Jakarta – Komisi Pemberantasan Korupsi (KPK) mengungkapkan Sekretaris Lembaga Perekonomian Pengurus Besar Nahdlatul Ulama (LP PBNU) Zainal Abidin mangkir dari panggilan sebagai saksi kasus dugaan korupsi dalam penentuan kuota dan penyelenggaraan ibadah haji pada Kementerian Agama pada 2023–2024.
“Yang bersangkutan tidak hadir ya dalam pemeriksaan itu,” ujar Juru Bicara KPK Budi Prasetyo dikutip dari ANTARA, Senin (15/9).
Oleh sebab itu, kata Budi, materi pemeriksaan terhadap Zainal Abidin belum dapat disampaikan ke publik, yakni mengenai kapasitasnya sebagai Sekretaris LP PBNU atau Komisaris PT Superintending Company of Indonesia atau Sucofindo (Persero).
Sebelumnya, Zainal Abidin dipanggil KPK sebagai saksi kasus kuota haji, yakni pada 4 September 2025.
Sebelumnya, KPK mengumumkan memulai penyidikan perkara dugaan korupsi dalam penentuan kuota dan penyelenggaraan ibadah haji pada Kementerian Agama tahun 2023-2024, yakni pada 9 Agustus 2025.
Pengumuman dilakukan KPK setelah meminta keterangan kepada mantan Menteri Agama Yaqut Cholil Qoumas dalam penyelidikan kasus tersebut pada 7 Agustus 2025.
Pada saat itu, KPK juga menyampaikan sedang berkomunikasi dengan Badan Pemeriksa Keuangan (BPK) RI untuk menghitung kerugian keuangan negara dalam kasus kuota haji tersebut.
Pada 11 Agustus 2025, KPK mengumumkan penghitungan awal kerugian negara dalam kasus tersebut mencapai Rp1 triliun lebih, dan mencegah tiga orang untuk bepergian ke luar negeri. Salah satunya adalah mantan Menag Yaqut Cholil Qoumas.

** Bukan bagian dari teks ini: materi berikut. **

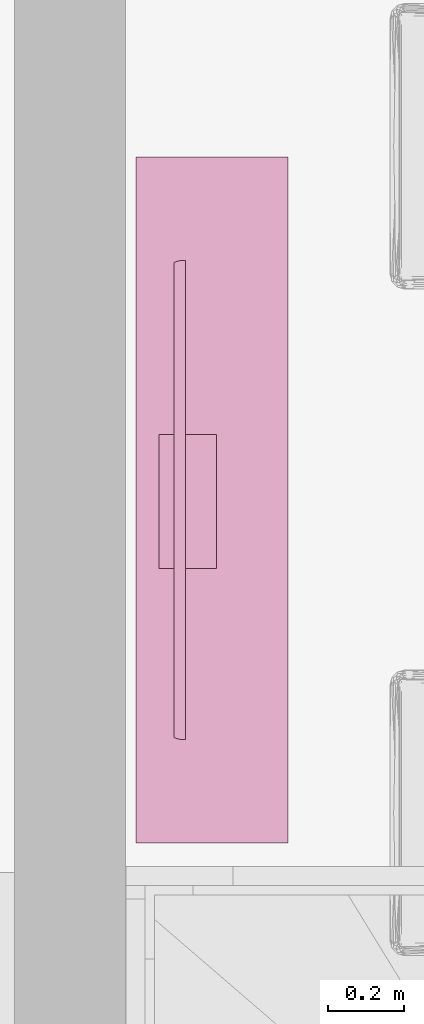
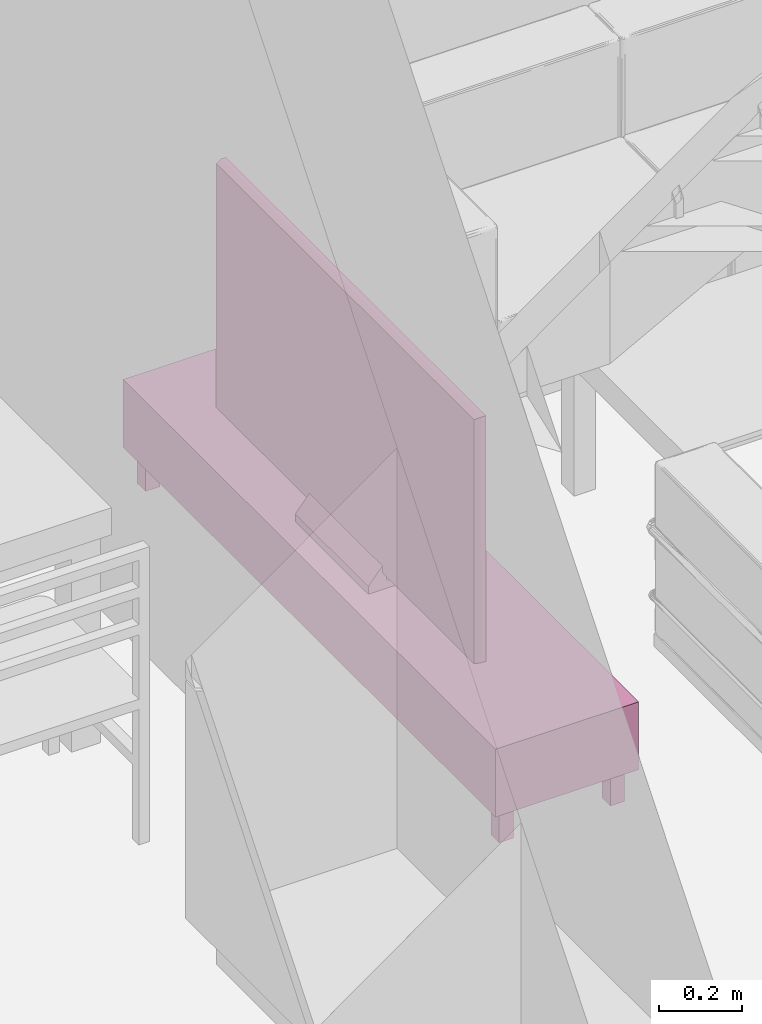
# One storey, part 40 of 65: 1 furnishing.
"""IFC2X3 building model written with IfcOpenShell, lengths in millimetres."""

from ifc_helpers import new_model, entity, si_unit, converted_unit, direction, frame, origin, place, context, subcontext, project, spatial, faceted_brep, source, transform, mapped, material, material_list, type_object, type_shapes, element, save


model = new_model("IFC2X3")

# Units and contexts
model_context = context("Model", 3, precision=0.01, world=origin(), true_north=direction((0.0, 1.0)))
body_context = subcontext(model_context, "Body", "Model", "MODEL_VIEW")
ifc_project = project(units=[si_unit("LENGTHUNIT", "METRE", prefix="MILLI"), si_unit("AREAUNIT", "SQUARE_METRE"), si_unit("VOLUMEUNIT", "CUBIC_METRE"), converted_unit("PLANEANGLEUNIT", "DEGREE", entity("IfcPlaneAngleMeasure", 0.017453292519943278), si_unit("PLANEANGLEUNIT", "RADIAN"), dimensions=[0, 0, 0, 0, 0, 0, 0])], contexts=[model_context])

# Site, building, storey, space
site_placement = place(None, origin())
site = spatial("IfcSite", under=ifc_project, at=site_placement, Name="Default", CompositionType="ELEMENT")
building_placement = place(site_placement, origin())
building = spatial("IfcBuilding", under=site, at=building_placement, CompositionType="ELEMENT")
storey_placement = place(building_placement, origin())
storey = spatial("IfcBuildingStorey", under=building, at=storey_placement, Name="Et. 1", CompositionType="ELEMENT", Elevation=0.0)
space_placement = place(storey_placement, origin())
space = spatial("IfcSpace", under=storey, at=space_placement, Name="109", CompositionType="ELEMENT", InteriorOrExteriorSpace="INTERNAL")

# Furnishing
ifc_material_1 = material(Name="Focus - TV - Sort")
ifc_material_2 = material(Name="Focus - Metall - Krom")
ifc_material_3 = material(Name="Focus - Møbler - Hvit")
ifc_material_list = material_list([ifc_material_1, ifc_material_2, ifc_material_3])
furniture_type = type_object("IfcFurnitureType", Name="TV bord (1):TV bord 1800x400x300", AssemblyPlace="NOTDEFINED", material=ifc_material_list)
shared_shape = source(origin(), body_context, "Body", "Brep", [
    faceted_brep([(535.1044252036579, 528.5550193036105, 322.4792366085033), (535.1044252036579, 526.6842377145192, 323.47298199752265), (535.1044252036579, 525.9363454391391, 325.45490298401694), (535.1044252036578, 525.9363454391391, 370.0), (535.1044252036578, 513.9363454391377, 370.0), (535.1044252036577, 474.47496908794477, 322.83260995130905), (535.1044252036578, 474.47496908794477, 300.0), (535.1044252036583, 625.9363454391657, 300.0), (535.1044252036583, 625.9363454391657, 310.0), (182.12411793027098, 474.47496908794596, 322.83260995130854), (182.12411793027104, 513.9363454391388, 370.0), (182.12411793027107, 525.9363454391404, 370.0), (182.12411793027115, 525.9363454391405, 325.4549029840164), (182.12411793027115, 526.6842377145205, 323.4729819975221), (182.12411793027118, 528.5550193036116, 322.47923660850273), (182.12411793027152, 625.9363454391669, 310.0), (182.12411793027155, 625.9363454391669, 300.0), (182.124117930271, 474.47496908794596, 300.0), (519.984899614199, 525.9363454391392, 325.454902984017), (504.86537605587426, 525.9363454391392, 325.45490298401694), (490.9818870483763, 525.9363454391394, 325.45490298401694), (468.92061695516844, 525.9363454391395, 325.4549029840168), (446.8593468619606, 525.9363454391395, 325.4549029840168), (424.7980767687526, 525.9363454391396, 325.45490298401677), (402.73680870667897, 525.9363454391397, 325.45490298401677), (380.67554064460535, 525.9363454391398, 325.45490298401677), (358.6142705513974, 525.9363454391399, 325.45490298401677), (344.73078154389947, 525.9363454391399, 325.4549029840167), (330.84729050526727, 525.9363454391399, 325.45490298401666), (316.963799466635, 525.9363454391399, 325.45490298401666), (303.0803104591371, 525.93634543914, 325.45490298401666), (287.9607869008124, 525.9363454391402, 325.45490298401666), (272.84126334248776, 525.9363454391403, 325.45490298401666), (257.72173978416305, 525.9363454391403, 325.4549029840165), (242.60221419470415, 525.9363454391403, 325.4549029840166), (227.48268860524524, 525.9363454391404, 325.4549029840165), (212.36316504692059, 525.9363454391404, 325.4549029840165), (197.24364148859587, 525.9363454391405, 325.4549029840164), (197.24364190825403, 528.5550193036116, 322.47923660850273), (212.36316595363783, 528.5550193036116, 322.4792366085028), (227.4826899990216, 528.5550193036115, 322.4792366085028), (242.60221397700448, 528.5550193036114, 322.4792366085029), (257.72173795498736, 528.5550193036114, 322.4792366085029), (272.8412620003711, 528.5550193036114, 322.4792366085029), (287.96078604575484, 528.5550193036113, 322.47923660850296), (303.08031002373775, 528.5550193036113, 322.47923660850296), (318.1998340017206, 528.5550193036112, 322.47923660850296), (333.31935804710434, 528.5550193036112, 322.479236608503), (348.43888209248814, 528.5550193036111, 322.479236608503), (363.558406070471, 528.5550193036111, 322.479236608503), (378.6779300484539, 528.5550193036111, 322.4792366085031), (393.7974540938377, 528.555019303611, 322.47923660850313), (408.9169781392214, 528.555019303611, 322.47923660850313), (424.03650211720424, 528.5550193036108, 322.47923660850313), (437.91999249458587, 528.5550193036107, 322.47923660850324), (451.80348287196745, 528.5550193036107, 322.47923660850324), (465.6869732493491, 528.5550193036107, 322.4792366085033), (479.57046362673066, 528.5550193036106, 322.4792366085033), (493.4539540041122, 528.5550193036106, 322.4792366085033), (507.3374443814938, 528.5550193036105, 322.4792366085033), (519.984901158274, 528.5550193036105, 322.47923660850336), (337.68066245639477, 526.6430406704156, 323.52080028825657), (224.27890068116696, 526.6842377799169, 323.47298192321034), (204.80340727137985, 526.6842378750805, 323.4729818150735), (302.46229687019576, 526.7687345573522, 323.3809061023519), (287.96078948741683, 526.6842377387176, 323.47298197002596), (519.6968558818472, 526.6842377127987, 323.47298199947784), (239.91619314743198, 526.6842377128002, 323.4729819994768), (413.76744661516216, 526.6599675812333, 323.5009060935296), (397.7173638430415, 526.6694903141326, 323.4898666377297), (371.11817041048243, 526.6334825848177, 323.5321906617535), (441.27558772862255, 526.8083203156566, 323.34030867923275), (481.02976280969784, 526.5444504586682, 323.6441466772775), (497.92363261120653, 526.7462141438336, 323.40470179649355), (316.9638042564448, 526.6842377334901, 323.47298197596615), (458.7452292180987, 526.6028547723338, 323.56947960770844), (257.72174274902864, 526.6842376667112, 323.4729820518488), (354.04763371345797, 526.7922136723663, 323.35664204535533), (272.84126613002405, 526.6581872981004, 323.5029820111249)], [[[0, 1, 2, 3, 4, 5, 6, 7, 8]], [[9, 10, 11, 12, 13, 14, 15, 16, 17]], [[4, 3, 11, 10]], [[7, 6, 17, 16]], [[3, 2, 18, 19, 20, 21, 22, 23, 24, 25, 26, 27, 28, 29, 30, 31, 32, 33, 34, 35, 36, 37, 12, 11]], [[5, 4, 10, 9]], [[6, 5, 9, 17]], [[8, 7, 16, 15]], [[0, 8, 15, 14, 38, 39, 40, 41, 42, 43, 44, 45, 46, 47, 48, 49, 50, 51, 52, 53, 54, 55, 56, 57, 58, 59, 60]], [[61, 48, 47]], [[62, 63, 36]], [[30, 64, 65]], [[13, 12, 37]], [[18, 2, 1, 66, 19]], [[34, 67, 35]], [[68, 52, 69]], [[70, 69, 50]], [[68, 23, 71]], [[72, 20, 73]], [[62, 39, 63]], [[19, 73, 20]], [[29, 28, 74, 30]], [[31, 30, 65]], [[75, 56, 55]], [[57, 56, 72, 58]], [[44, 43, 65]], [[42, 41, 76, 43]], [[62, 35, 67]], [[13, 37, 63]], [[66, 1, 0, 60, 59]], [[38, 14, 13]], [[41, 40, 67]], [[67, 34, 76]], [[73, 58, 72]], [[63, 39, 38]], [[63, 38, 13]], [[40, 39, 62]], [[67, 40, 62]], [[72, 21, 20]], [[19, 66, 73]], [[49, 77, 70]], [[75, 55, 71]], [[75, 72, 56]], [[21, 72, 75]], [[75, 22, 21]], [[22, 75, 71]], [[68, 24, 23]], [[54, 53, 71, 55]], [[23, 22, 71]], [[37, 36, 63]], [[69, 24, 68]], [[53, 68, 71]], [[70, 26, 25]], [[49, 70, 50]], [[69, 70, 25]], [[25, 24, 69]], [[50, 69, 52, 51]], [[26, 70, 77]], [[61, 28, 27]], [[77, 48, 61]], [[27, 26, 77]], [[77, 49, 48]], [[68, 53, 52]], [[73, 59, 58]], [[76, 33, 78]], [[65, 43, 78]], [[41, 67, 76]], [[46, 45, 74, 47]], [[62, 36, 35]], [[47, 74, 61]], [[73, 66, 59]], [[77, 61, 27]], [[28, 61, 74]], [[74, 45, 64]], [[33, 32, 31, 78]], [[74, 64, 30]], [[76, 34, 33]], [[45, 44, 64]], [[65, 64, 44]], [[76, 78, 43]], [[65, 78, 31]]]),
    faceted_brep([(-274.1123280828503, 543.9363454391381, 1074.9426906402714), (-254.11232808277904, 543.936345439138, 1054.9426906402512), (-254.11232808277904, 543.936345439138, 370.0), (963.4518429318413, 543.9363454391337, 1054.942690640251), (-274.1123280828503, 543.9363454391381, 350.0), (983.45184293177, 543.9363454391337, 1074.9426906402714), (963.4518429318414, 543.9363454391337, 370.0), (983.45184293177, 543.9363454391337, 350.0), (871.2987961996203, 513.9363454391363, 1069.700820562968), (764.3876072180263, 513.9363454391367, 1069.700820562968), (657.4764182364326, 513.9363454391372, 1069.700820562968), (550.5652415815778, 513.9363454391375, 1069.700820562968), (452.61750258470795, 513.9363454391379, 1069.700820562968), (354.6697512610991, 513.9363454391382, 1069.700820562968), (276.7272251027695, 513.9363454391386, 1069.700820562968), (198.78469894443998, 513.9363454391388, 1069.700820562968), (120.84217278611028, 513.936345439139, 1069.700820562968), (42.8996466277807, 513.9363454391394, 1069.700820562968), (-35.042879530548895, 513.9363454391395, 1069.7008205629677), (-112.98540568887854, 513.9363454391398, 1069.700820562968), (-161.959281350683, 513.93634543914, 1069.700820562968), (-268.870458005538, 513.9363454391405, 1069.7008205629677), (-268.87045800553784, 513.9363454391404, 962.7896420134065), (-268.87045800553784, 513.9363454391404, 855.8784560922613), (-268.87045800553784, 513.9363454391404, 782.864436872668), (-268.87045800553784, 513.9363454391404, 709.850410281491), (-268.87045800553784, 513.9363454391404, 619.8878077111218), (-268.87045800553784, 513.9363454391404, 529.9252051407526), (-268.87045800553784, 513.9363454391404, 456.9111859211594), (-268.870458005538, 513.9363454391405, 350.0), (978.2099728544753, 513.936345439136, 350.0), (978.2099728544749, 513.9363454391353, 456.91117949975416), (978.2099728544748, 513.9363454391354, 563.8223660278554), (978.2099728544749, 513.9363454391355, 670.7335525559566), (978.209972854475, 513.9363454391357, 777.6447320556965), (978.209972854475, 513.9363454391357, 850.658757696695), (978.209972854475, 513.9363454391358, 923.6727763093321), (978.209972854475, 513.936345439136, 1016.245227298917), (978.2099728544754, 513.936345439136, 1069.700820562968), (983.45184293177, 540.9363454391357, 1074.9426906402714), (-274.1123280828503, 540.9363454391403, 1074.9426906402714), (-274.11232808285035, 530.9363454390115, 1074.9426906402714), (-167.20113860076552, 530.9363454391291, 1074.9426906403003), (-72.97496770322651, 530.9363454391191, 1074.942690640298), (27.593712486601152, 530.9363454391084, 1074.9426906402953), (128.16239267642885, 530.9363454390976, 1074.942690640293), (235.07358215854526, 530.9363454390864, 1074.9426906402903), (288.52916869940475, 530.9363454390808, 1074.942690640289), (341.98475524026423, 530.9363454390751, 1074.9426906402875), (448.89592832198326, 530.9363454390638, 1074.942690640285), (555.8071178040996, 530.9363454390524, 1074.942690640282), (662.7183072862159, 530.936345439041, 1074.9426906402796), (769.6294803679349, 530.9363454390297, 1074.9426906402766), (876.5406534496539, 530.9363454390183, 1074.942690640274), (983.45184293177, 530.9363454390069, 1074.9426906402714), (983.45184293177, 540.9363454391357, 350.0), (983.4518429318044, 530.9363454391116, 968.0315073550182), (983.4518429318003, 530.9363454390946, 893.7070161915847), (983.4518429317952, 530.936345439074, 803.0891825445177), (983.4518429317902, 530.9363454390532, 712.4713488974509), (983.451842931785, 530.9363454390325, 621.8535152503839), (983.45184293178, 530.9363454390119, 531.2356744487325), (983.4518429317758, 530.9363454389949, 456.911183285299), (983.45184293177, 530.9363454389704, 350.0), (981.0831520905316, 522.3585671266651, 350.0), (-271.7436372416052, 522.3585671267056, 350.0), (-274.1123280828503, 530.9363454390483, 350.0), (-274.1123280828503, 540.9363454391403, 350.0), (-274.1123280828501, 530.9363454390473, 403.4555910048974), (-274.1123280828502, 530.9363454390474, 498.64897772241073), (-274.11232808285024, 530.9363454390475, 572.973466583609), (-274.11232808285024, 530.9363454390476, 647.2979554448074), (-274.1123280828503, 530.9363454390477, 754.2091446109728), (-274.1123280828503, 530.9363454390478, 861.120326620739), (-274.1123280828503, 530.9363454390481, 968.0315086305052), (-254.11232808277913, 540.9363454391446, 1054.9426906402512), (963.4518429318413, 540.9363454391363, 1054.942690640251), (963.4518429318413, 540.9363454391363, 370.0), (-254.1123280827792, 540.9363454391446, 370.0), (-271.6079802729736, 521.9209899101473, 561.039955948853), (-272.0942324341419, 523.5120302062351, 807.6647388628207), (-271.6838000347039, 522.1649725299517, 1000.2475796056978), (-271.52856035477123, 521.6669815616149, 493.4181930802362), (-271.74968537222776, 522.3781866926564, 731.6126583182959), (-271.4604584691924, 521.4504221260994, 664.869113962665), (-271.64314636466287, 522.0339695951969, 424.4548075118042), (-272.03175870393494, 523.3040303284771, 936.0688543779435), (-271.7208591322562, 522.2847625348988, 871.778613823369), (-271.7425576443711, 522.3550660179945, 1072.5729202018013), (-204.66446821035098, 523.3287969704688, 1072.8695772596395), (-137.47234325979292, 522.5092649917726, 1072.6203800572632), (908.7567322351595, 522.1649725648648, 1072.5141626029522), (833.778825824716, 522.5817361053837, 1072.6426227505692), (-62.80278335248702, 522.0049948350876, 1072.4644995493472), (159.81344423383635, 522.0845569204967, 1072.4892230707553), (226.4217047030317, 521.9934399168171, 1072.4609048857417), (315.25696952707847, 521.9504164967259, 1072.4475115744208), (981.0820724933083, 522.3550660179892, 1072.5729202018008), (80.1835543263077, 522.8422800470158, 1072.7222575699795), (501.59138676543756, 522.559214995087, 1072.6357149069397), (392.4883252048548, 522.952944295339, 1072.7559254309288), (3.928384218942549, 521.850551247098, 1072.4163685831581), (566.2823689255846, 522.2857797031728, 1072.5515358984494), (646.0692239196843, 522.4365461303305, 1072.5980210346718), (710.9320272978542, 522.0760981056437, 1072.4865968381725), (772.290516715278, 522.6133420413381, 1072.6523106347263), (981.0831519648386, 522.3585667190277, 494.0734241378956), (981.2237700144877, 522.8172109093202, 560.7957970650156), (981.2987228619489, 523.0638411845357, 930.8692618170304), (981.2065184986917, 522.7606600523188, 863.377909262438), (981.1904531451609, 522.7080691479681, 998.9721352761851), (980.8231085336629, 521.5238622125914, 630.1745518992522), (981.0101229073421, 522.122416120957, 696.939627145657), (981.0709396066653, 522.318980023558, 422.0367118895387), (981.0159296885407, 522.1411428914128, 798.4273735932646)], [[[0, 1, 2]], [[1, 0, 3]], [[2, 4, 0]], [[5, 3, 0]], [[3, 5, 6]], [[7, 6, 5]], [[6, 7, 4]], [[4, 2, 6]], [[8, 9, 10, 11, 12, 13, 14, 15, 16, 17, 18, 19, 20, 21, 22, 23, 24, 25, 26, 27, 28, 29, 30, 31, 32, 33, 34, 35, 36, 37, 38]], [[39, 5, 0, 40, 41, 42, 43, 44, 45, 46, 47, 48, 49, 50, 51, 52, 53, 54]], [[55, 7, 5, 39, 54, 56, 57, 58, 59, 60, 61, 62, 63]], [[4, 7, 55, 63, 64, 30, 29, 65, 66, 67]], [[40, 0, 4, 67, 66, 68, 69, 70, 71, 72, 73, 74, 41]], [[75, 76, 77, 78]], [[3, 76, 75, 1]], [[2, 1, 75, 78]], [[2, 78, 77, 6]], [[6, 77, 76, 3]], [[69, 79, 71, 70]], [[80, 73, 72]], [[41, 74, 81]], [[82, 28, 27]], [[83, 71, 84]], [[79, 82, 27]], [[82, 85, 28]], [[86, 73, 87]], [[41, 81, 88]], [[72, 83, 80]], [[82, 79, 69]], [[73, 80, 87]], [[81, 21, 88]], [[68, 66, 65]], [[29, 28, 85]], [[82, 69, 85]], [[85, 69, 68]], [[84, 26, 25]], [[68, 65, 85]], [[29, 85, 65]], [[27, 26, 79]], [[79, 26, 84]], [[83, 84, 25]], [[79, 84, 71]], [[83, 24, 80]], [[71, 83, 72]], [[86, 81, 74]], [[87, 80, 23]], [[23, 22, 87]], [[22, 81, 86]], [[24, 83, 25]], [[24, 23, 80]], [[21, 81, 22]], [[73, 86, 74]], [[22, 86, 87]], [[42, 89, 90]], [[54, 53, 91]], [[8, 91, 92]], [[18, 93, 19]], [[46, 45, 94]], [[95, 96, 47]], [[19, 90, 20]], [[54, 91, 97]], [[98, 16, 94]], [[99, 12, 11]], [[99, 49, 100]], [[18, 17, 101]], [[46, 94, 95]], [[18, 101, 93]], [[102, 99, 11]], [[103, 102, 10]], [[52, 51, 104]], [[92, 9, 8]], [[91, 38, 97]], [[21, 20, 89]], [[41, 88, 89]], [[90, 89, 20]], [[43, 42, 90]], [[41, 89, 42]], [[44, 101, 98]], [[101, 43, 93]], [[89, 88, 21]], [[12, 99, 100]], [[96, 100, 48]], [[98, 101, 17]], [[43, 101, 44]], [[16, 15, 94]], [[44, 98, 45]], [[98, 17, 16]], [[43, 90, 93]], [[19, 93, 90]], [[94, 15, 95]], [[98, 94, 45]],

Selain ditangani KPK, Pansus Angket Haji DPR RI sebelumnya juga menyatakan pihaknya telah menemukan sejumlah kejanggalan dalam penyelenggaraan ibadah haji tahun 2024.
Poin utama yang disorot pansus adalah perihal pembagian kuota 50 berbanding 50 dari alokasi 20.000 kuota tambahan yang diberikan Pemerintah Arab Saudi.
Saat itu, Kementerian Agama membagi kuota tambahan 10.000 untuk haji reguler dan 10.000 untuk haji khusus.
Hal tersebut tidak sesuai dengan Pasal 64 Undang-Undang Nomor 8 Tahun 2019 tentang Penyelenggaraan Ibadah Haji dan Umrah, yang mengatur kuota haji khusus sebesar 8 persen, sedangkan 92 persen untuk kuota haji reguler.